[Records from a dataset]
************
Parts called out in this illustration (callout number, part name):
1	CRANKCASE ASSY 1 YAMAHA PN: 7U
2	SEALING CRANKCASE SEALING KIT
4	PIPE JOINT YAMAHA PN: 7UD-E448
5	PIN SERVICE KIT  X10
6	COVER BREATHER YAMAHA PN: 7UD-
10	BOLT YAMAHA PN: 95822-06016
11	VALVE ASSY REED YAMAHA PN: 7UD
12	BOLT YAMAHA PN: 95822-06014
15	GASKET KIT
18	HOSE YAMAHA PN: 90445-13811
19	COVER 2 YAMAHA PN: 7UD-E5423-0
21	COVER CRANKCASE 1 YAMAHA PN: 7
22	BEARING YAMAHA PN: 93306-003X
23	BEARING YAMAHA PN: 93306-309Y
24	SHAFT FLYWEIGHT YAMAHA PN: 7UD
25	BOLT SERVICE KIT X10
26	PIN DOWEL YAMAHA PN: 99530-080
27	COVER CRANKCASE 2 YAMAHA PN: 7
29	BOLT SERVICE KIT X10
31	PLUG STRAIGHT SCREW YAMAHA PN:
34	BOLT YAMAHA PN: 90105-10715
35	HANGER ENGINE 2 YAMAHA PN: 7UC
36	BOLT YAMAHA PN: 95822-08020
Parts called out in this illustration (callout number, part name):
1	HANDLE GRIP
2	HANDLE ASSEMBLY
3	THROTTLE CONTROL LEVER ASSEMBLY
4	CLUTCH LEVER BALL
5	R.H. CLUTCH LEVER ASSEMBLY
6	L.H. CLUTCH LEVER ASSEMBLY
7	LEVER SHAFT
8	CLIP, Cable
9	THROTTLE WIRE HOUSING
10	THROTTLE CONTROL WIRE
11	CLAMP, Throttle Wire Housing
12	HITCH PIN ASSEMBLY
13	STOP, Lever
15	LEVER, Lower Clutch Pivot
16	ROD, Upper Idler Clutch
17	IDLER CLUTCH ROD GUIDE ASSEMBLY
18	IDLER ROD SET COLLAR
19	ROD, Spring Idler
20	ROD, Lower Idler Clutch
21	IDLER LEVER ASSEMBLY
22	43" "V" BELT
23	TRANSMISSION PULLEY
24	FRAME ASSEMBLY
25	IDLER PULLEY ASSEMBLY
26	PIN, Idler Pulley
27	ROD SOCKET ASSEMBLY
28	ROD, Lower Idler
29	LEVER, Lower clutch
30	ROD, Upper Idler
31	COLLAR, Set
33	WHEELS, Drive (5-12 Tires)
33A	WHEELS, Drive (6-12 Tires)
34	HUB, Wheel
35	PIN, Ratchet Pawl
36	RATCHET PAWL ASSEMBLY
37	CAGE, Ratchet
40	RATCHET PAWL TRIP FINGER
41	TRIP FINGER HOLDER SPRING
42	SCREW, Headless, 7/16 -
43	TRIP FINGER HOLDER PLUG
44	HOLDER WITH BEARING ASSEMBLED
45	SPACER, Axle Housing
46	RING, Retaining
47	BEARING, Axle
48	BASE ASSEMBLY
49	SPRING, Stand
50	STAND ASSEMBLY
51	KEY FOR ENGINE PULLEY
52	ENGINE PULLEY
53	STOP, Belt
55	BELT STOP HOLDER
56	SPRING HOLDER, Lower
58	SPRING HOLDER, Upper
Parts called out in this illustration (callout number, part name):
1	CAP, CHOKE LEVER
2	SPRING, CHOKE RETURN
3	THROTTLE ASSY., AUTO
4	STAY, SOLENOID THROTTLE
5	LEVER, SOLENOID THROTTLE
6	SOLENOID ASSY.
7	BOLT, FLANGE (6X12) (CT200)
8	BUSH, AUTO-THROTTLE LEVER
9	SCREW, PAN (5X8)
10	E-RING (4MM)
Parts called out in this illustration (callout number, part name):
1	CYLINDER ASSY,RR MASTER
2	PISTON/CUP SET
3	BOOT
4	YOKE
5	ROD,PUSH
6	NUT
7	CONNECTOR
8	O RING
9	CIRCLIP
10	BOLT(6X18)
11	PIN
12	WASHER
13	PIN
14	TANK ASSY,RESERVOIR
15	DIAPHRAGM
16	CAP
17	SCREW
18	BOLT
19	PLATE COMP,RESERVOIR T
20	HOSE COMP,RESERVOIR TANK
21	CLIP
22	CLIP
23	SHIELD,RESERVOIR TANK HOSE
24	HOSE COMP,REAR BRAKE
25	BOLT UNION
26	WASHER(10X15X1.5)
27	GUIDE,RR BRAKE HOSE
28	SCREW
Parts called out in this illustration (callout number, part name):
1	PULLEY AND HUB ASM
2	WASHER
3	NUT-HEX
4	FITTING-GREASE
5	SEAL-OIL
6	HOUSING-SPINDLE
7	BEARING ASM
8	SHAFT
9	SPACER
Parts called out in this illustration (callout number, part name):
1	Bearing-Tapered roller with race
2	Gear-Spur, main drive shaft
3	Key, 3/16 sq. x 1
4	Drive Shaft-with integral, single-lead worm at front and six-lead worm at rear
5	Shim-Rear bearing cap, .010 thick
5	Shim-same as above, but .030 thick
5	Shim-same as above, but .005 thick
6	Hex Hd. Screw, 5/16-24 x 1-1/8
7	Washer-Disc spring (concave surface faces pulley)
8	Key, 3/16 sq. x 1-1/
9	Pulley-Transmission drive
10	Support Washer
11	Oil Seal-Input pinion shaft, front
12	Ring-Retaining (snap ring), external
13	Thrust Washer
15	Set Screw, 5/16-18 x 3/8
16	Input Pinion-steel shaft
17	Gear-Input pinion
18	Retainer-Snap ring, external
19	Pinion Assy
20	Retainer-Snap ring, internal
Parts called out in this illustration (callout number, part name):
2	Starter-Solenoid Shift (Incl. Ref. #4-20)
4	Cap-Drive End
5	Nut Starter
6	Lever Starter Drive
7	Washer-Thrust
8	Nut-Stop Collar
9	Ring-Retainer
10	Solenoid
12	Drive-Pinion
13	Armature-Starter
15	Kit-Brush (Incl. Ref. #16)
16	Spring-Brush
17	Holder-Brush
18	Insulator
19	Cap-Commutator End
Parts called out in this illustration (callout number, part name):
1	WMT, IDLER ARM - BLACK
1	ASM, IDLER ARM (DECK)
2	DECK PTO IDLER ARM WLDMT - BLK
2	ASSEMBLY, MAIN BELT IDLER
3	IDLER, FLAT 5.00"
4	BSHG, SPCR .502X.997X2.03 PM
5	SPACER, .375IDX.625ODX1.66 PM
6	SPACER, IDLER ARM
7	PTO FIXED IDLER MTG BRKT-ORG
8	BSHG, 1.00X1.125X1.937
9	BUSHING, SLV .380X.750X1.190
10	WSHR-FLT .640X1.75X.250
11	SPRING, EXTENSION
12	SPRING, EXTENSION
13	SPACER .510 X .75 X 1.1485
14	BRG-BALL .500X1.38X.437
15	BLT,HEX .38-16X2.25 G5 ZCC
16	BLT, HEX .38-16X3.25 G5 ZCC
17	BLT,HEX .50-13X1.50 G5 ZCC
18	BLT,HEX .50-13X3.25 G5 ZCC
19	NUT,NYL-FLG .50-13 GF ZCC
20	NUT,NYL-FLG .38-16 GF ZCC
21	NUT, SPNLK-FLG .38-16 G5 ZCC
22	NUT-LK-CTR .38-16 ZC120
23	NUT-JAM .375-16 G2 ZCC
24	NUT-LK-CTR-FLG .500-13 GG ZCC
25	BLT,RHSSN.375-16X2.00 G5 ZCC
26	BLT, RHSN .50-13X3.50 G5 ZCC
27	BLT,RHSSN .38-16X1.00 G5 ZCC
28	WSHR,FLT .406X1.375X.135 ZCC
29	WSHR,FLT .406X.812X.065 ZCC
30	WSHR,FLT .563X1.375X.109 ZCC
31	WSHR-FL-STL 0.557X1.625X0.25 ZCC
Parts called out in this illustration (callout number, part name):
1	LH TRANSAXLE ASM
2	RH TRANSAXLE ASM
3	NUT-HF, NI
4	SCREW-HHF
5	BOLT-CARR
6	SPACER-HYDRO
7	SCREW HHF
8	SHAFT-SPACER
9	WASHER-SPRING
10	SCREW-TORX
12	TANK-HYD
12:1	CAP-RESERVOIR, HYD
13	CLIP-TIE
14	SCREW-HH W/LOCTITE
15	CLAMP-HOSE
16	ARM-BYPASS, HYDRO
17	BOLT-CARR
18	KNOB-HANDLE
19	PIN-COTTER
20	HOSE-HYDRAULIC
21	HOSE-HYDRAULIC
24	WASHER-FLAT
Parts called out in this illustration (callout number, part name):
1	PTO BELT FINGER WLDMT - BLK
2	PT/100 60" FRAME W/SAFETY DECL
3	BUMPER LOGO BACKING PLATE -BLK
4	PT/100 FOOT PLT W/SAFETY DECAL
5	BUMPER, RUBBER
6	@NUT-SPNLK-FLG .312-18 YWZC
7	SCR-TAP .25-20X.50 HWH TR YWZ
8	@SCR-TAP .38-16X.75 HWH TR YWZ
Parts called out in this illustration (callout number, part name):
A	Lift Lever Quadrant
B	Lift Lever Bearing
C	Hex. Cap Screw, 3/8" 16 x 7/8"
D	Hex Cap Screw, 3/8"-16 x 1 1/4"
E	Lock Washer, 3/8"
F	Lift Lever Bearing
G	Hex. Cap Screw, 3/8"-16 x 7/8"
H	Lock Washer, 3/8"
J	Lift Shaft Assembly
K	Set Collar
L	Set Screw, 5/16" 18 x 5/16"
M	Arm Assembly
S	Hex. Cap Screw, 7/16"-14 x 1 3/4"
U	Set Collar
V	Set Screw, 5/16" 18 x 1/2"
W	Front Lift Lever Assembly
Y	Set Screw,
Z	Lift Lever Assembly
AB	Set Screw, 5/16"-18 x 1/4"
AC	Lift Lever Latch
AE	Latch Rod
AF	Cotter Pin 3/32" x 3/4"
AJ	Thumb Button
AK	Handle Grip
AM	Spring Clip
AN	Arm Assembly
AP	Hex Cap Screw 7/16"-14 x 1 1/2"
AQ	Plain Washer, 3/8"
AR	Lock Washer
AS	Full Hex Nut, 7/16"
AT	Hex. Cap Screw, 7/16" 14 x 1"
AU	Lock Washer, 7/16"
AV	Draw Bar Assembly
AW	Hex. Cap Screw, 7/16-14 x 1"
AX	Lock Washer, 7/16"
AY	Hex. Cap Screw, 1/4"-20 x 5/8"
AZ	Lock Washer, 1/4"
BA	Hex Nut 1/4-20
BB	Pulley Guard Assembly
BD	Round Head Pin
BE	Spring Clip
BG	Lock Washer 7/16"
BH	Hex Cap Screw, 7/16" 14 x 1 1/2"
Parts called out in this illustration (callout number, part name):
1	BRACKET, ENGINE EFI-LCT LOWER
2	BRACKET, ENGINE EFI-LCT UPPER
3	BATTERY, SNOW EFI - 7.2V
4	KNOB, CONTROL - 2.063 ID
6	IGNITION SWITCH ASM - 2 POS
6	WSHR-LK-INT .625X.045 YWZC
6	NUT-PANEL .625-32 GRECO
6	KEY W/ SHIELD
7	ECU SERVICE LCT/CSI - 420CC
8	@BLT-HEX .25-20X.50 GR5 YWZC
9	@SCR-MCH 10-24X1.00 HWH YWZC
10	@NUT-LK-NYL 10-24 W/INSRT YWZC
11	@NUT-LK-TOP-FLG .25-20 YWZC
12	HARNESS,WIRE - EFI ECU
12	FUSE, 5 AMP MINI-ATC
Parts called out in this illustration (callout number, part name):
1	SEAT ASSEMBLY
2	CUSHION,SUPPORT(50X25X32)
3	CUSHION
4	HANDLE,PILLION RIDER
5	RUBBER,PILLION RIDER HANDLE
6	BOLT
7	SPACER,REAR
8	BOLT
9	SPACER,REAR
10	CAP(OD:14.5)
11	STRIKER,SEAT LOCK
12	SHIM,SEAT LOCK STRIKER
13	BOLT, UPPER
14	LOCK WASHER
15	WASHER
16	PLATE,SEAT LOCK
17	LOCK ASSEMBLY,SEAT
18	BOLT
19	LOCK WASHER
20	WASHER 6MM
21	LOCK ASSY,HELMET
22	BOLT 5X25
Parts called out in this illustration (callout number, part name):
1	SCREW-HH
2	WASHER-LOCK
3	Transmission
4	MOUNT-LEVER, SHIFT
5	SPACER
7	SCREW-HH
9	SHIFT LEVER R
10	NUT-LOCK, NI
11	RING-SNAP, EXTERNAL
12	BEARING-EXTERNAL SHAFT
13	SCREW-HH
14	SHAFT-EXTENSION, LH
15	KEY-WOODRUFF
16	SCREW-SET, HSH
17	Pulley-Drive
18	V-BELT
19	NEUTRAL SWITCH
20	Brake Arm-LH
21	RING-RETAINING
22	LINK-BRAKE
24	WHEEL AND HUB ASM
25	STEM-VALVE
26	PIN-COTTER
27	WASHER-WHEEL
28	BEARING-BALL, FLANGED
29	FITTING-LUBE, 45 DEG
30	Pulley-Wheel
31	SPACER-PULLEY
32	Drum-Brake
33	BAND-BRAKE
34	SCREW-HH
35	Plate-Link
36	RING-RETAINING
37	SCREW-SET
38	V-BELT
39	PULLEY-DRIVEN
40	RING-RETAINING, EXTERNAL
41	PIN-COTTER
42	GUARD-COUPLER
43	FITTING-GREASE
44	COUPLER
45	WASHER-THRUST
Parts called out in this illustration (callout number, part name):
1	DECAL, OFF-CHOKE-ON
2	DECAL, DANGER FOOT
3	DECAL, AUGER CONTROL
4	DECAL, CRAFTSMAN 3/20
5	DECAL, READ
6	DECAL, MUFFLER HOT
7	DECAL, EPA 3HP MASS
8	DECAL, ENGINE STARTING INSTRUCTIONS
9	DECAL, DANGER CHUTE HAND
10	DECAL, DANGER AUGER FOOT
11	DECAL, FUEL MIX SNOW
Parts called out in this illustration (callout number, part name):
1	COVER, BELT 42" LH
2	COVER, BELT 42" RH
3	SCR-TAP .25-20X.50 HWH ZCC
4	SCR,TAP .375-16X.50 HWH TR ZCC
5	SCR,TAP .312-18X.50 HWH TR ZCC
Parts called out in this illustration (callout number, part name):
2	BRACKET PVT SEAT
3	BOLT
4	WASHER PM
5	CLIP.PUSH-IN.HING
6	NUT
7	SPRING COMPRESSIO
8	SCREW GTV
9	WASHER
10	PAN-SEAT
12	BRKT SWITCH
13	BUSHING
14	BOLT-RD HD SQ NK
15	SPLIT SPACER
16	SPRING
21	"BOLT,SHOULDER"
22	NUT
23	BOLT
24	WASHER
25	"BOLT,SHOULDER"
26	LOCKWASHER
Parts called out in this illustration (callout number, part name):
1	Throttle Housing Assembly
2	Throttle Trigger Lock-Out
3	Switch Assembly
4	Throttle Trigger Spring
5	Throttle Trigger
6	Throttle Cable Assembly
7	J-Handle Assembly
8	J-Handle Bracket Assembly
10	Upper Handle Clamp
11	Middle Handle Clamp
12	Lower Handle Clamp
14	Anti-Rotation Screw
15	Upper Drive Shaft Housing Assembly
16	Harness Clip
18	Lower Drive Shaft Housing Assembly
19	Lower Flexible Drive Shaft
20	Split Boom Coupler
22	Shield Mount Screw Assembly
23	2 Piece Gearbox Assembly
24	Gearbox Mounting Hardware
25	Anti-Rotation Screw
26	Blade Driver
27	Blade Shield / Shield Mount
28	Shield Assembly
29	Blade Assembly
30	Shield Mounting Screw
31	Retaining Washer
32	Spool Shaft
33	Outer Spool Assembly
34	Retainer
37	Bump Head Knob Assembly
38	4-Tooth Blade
************
→ Your task
Among the records above, find each line holding the string "CUSHION" and pull it out.

→ Task response
2	CUSHION,SUPPORT(50X25X32)
3	CUSHION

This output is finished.